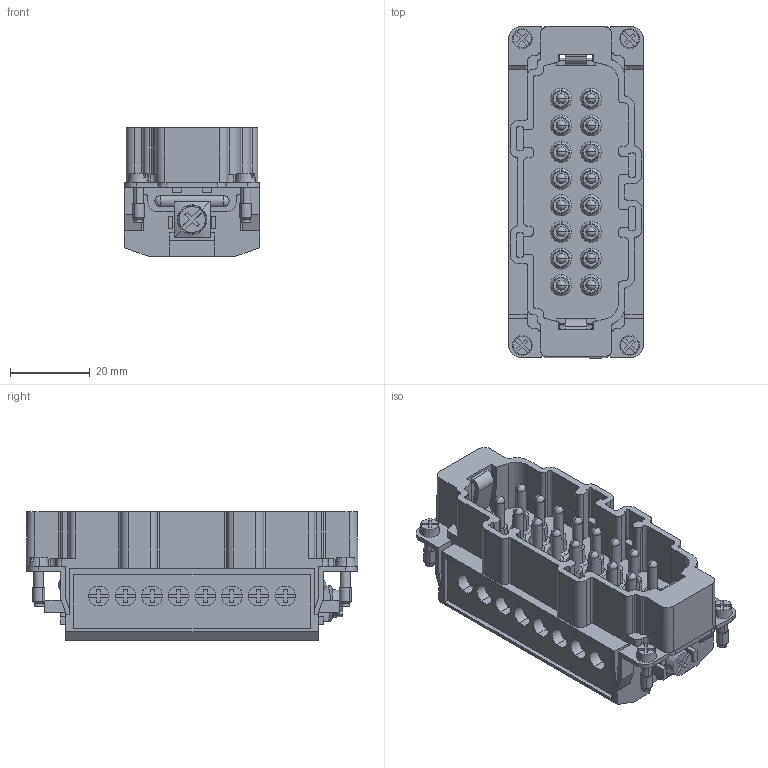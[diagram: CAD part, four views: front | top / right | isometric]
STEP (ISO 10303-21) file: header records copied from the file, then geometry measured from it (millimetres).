
FILE_DESCRIPTION(('SolidDesigner STEP Export'),'2;1');
FILE_NAME('1584871_HC_B_16_I_UT_M_32-select.stp','2016-12-01T11:05:10',(''),(''),'Creo Elements/Direct Modeling STEP processor for AP214 (Solid Model)','Creo Elements/Direct Modeling 18.1G 27-Feb-2015 (C) Parametric Technology GmbH','');
FILE_SCHEMA(('AUTOMOTIVE_DESIGN { 1 0 10303 214 1 1 1 1 }'));
Length unit declared in the file: millimetre
Products named in the file (2): 1584871_HC_B_16_I_UT_M_32-select
Assembly tree (1 placements, depth 2):
  1584871_HC_B_16_I_UT_M_32-select
    1584871_HC_B_16_I_UT_M_32-select
Bounding box: 34 x 83.5 x 32.35 mm (x, y, z)
Volume: 41285.9 mm3; surface area: 26017.6 mm2
Topology: 1 solids, 1 shells, 1445 faces, 4013 edges, 2638 vertices
Faces by surface type: plane 997, cylinder 296, cone 116, sphere 36
Entity records: 56203 total; most frequent: CARTESIAN_POINT 8258, ORIENTED_EDGE 7962, DIRECTION 7130, EDGE_CURVE 3981, VECTOR 2886, LINE 2886, VERTEX_POINT 2638, AXIS2_PLACEMENT_3D 2122
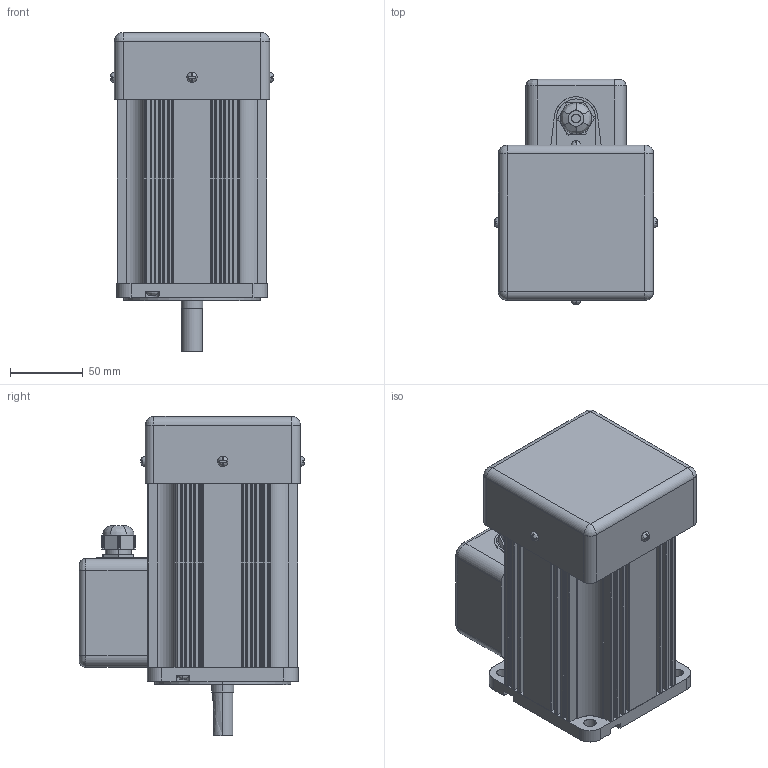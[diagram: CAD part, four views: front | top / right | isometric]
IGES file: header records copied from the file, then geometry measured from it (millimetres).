
Start section: SolidWorks IGES file using analytic representation for surfaces
Global section: file name: C:\Documents and Settings\user\官帕 拳搁\2015 墨呕肺弊 档搁荐沥\权其捞瘤 档搁\1. INDUCTION\104\250W\(1-279) 10IDKE-250F-T.IGS; native system: SolidWorks 2007; preprocessor: SolidWorks 2007; author: user; date: 150323.120115; units: millimetre
Bounding box: 112.99 x 155.49 x 220 mm (x, y, z)
Surface area: 189627.7 mm2 (no closed solid volume)
Topology: 0 solids, 0 shells, 513 faces, 6505 edges, 6497 vertices
Faces by surface type: bspline 305, revolution 208
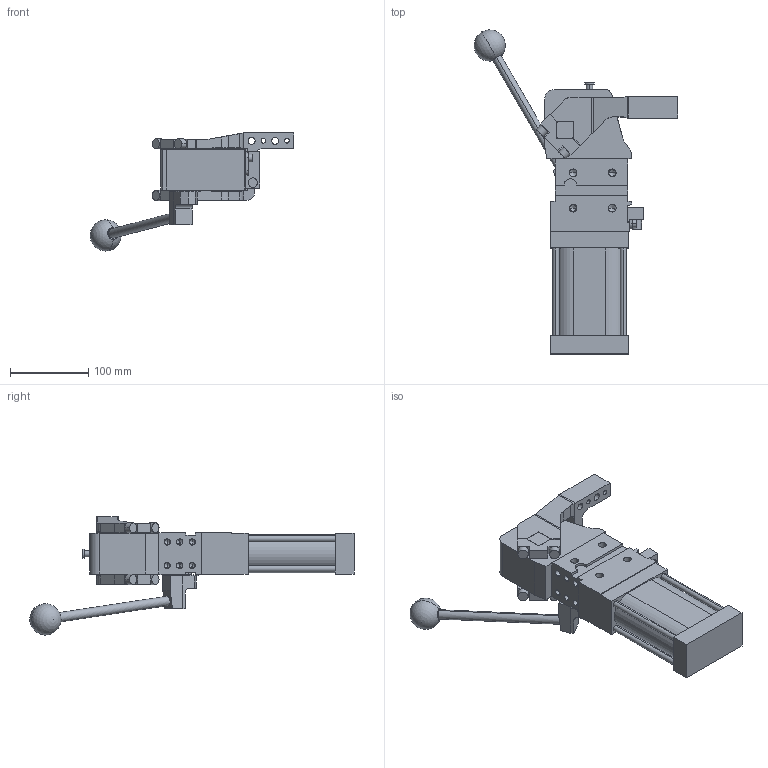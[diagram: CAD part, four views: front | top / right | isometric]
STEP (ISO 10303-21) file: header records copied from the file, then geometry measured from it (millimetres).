
FILE_DESCRIPTION (( 'STEP AP214' ), '1' );
FILE_NAME ('cplm63lbv1ssi1g_16.STEP', '2023-01-26T14:32:01', ( '' ), ( '' ), 'SwSTEP 2.0', 'SolidWorks 2022', '' );
FILE_SCHEMA (( 'AUTOMOTIVE_DESIGN' ));
Length unit declared in the file: millimetre
Products named in the file (5): cplm63lbv1ssi1g_16; leva_dx_offset_15_cpl63; meccanica_cplm_63; blocchetto_VEP_0; comando_manuale_cplm_63
Assembly tree (4 placements, depth 2):
  cplm63lbv1ssi1g_16
    meccanica_cplm_63
    blocchetto_VEP_0
    leva_dx_offset_15_cpl63
    comando_manuale_cplm_63
Bounding box: 260.54 x 414.46 x 151 mm (x, y, z)
Volume: 1866232.6 mm3; surface area: 206774.2 mm2
Topology: 4 solids, 4 shells, 430 faces, 1128 edges, 699 vertices
Faces by surface type: plane 217, cylinder 161, cone 50, sphere 2
Entity records: 14523 total; most frequent: CARTESIAN_POINT 2312, DIRECTION 2297, ORIENTED_EDGE 2154, EDGE_CURVE 1077, AXIS2_PLACEMENT_3D 795, LINE 707, VECTOR 707, VERTEX_POINT 696

------------------------------------------------------------

INSTRUCTIONS TO FOLLOW
Leaving the pictures out, transcribe the entries above exactly as written.

ANSWER AREA
[diagram: CAD part, four views: front | top / right | isometric]
STEP (ISO 10303-21) file: header records copied from the file, then geometry measured from it (millimetres).
FILE_DESCRIPTION(('SolidDesigner STEP Export'),'2;1');
FILE_NAME('1584871_HC_B_16_I_UT_M_32-select.stp','2016-12-01T11:05:10',(''),(''),'Creo Elements/Direct Modeling STEP processor for AP214 (Solid Model)','Creo Elements/Direct Modeling 18.1G 27-Feb-2015 (C) Parametric Technology GmbH','');
FILE_SCHEMA(('AUTOMOTIVE_DESIGN { 1 0 10303 214 1 1 1 1 }'));
Length unit declared in the file: millimetre
Products named in the file (2): 1584871_HC_B_16_I_UT_M_32-select
Assembly tree (1 placements, depth 2):
  1584871_HC_B_16_I_UT_M_32-select
    1584871_HC_B_16_I_UT_M_32-select
Bounding box: 34 x 83.5 x 32.35 mm (x, y, z)
Volume: 41285.9 mm3; surface area: 26017.6 mm2
Topology: 1 solids, 1 shells, 1445 faces, 4013 edges, 2638 vertices
Faces by surface type: plane 997, cylinder 296, cone 116, sphere 36
Entity records: 56203 total; most frequent: CARTESIAN_POINT 8258, ORIENTED_EDGE 7962, DIRECTION 7130, EDGE_CURVE 3981, VECTOR 2886, LINE 2886, VERTEX_POINT 2638, AXIS2_PLACEMENT_3D 2122
[diagram: CAD part, four views: front | top / right | isometric]
IGES file: header records copied from the file, then geometry measured from it (millimetres).
Start section: SolidWorks IGES file using analytic representation for surfaces
Global section: file name: C:\Documents and Settings\user\官帕 拳搁\2015 墨呕肺弊 档搁荐沥\权其捞瘤 档搁\1. INDUCTION\104\250W\(1-279) 10IDKE-250F-T.IGS; native system: SolidWorks 2007; preprocessor: SolidWorks 2007; author: user; date: 150323.120115; units: millimetre
Bounding box: 112.99 x 155.49 x 220 mm (x, y, z)
Surface area: 189627.7 mm2 (no closed solid volume)
Topology: 0 solids, 0 shells, 513 faces, 6505 edges, 6497 vertices
Faces by surface type: bspline 305, revolution 208
[diagram: CAD part, four views: front | top / right | isometric]
STEP (ISO 10303-21) file: header records copied from the file, then geometry measured from it (millimetres).
FILE_DESCRIPTION (( 'STEP AP214' ), '1' );
FILE_NAME ('cplm63lbv1ssi1g_16.STEP', '2023-01-26T14:32:01', ( '' ), ( '' ), 'SwSTEP 2.0', 'SolidWorks 2022', '' );
FILE_SCHEMA (( 'AUTOMOTIVE_DESIGN' ));
Length unit declared in the file: millimetre
Products named in the file (5): cplm63lbv1ssi1g_16; leva_dx_offset_15_cpl63; meccanica_cplm_63; blocchetto_VEP_0; comando_manuale_cplm_63
Assembly tree (4 placements, depth 2):
  cplm63lbv1ssi1g_16
    meccanica_cplm_63
    blocchetto_VEP_0
    leva_dx_offset_15_cpl63
    comando_manuale_cplm_63
Bounding box: 260.54 x 414.46 x 151 mm (x, y, z)
Volume: 1866232.6 mm3; surface area: 206774.2 mm2
Topology: 4 solids, 4 shells, 430 faces, 1128 edges, 699 vertices
Faces by surface type: plane 217, cylinder 161, cone 50, sphere 2
Entity records: 14523 total; most frequent: CARTESIAN_POINT 2312, DIRECTION 2297, ORIENTED_EDGE 2154, EDGE_CURVE 1077, AXIS2_PLACEMENT_3D 795, LINE 707, VECTOR 707, VERTEX_POINT 696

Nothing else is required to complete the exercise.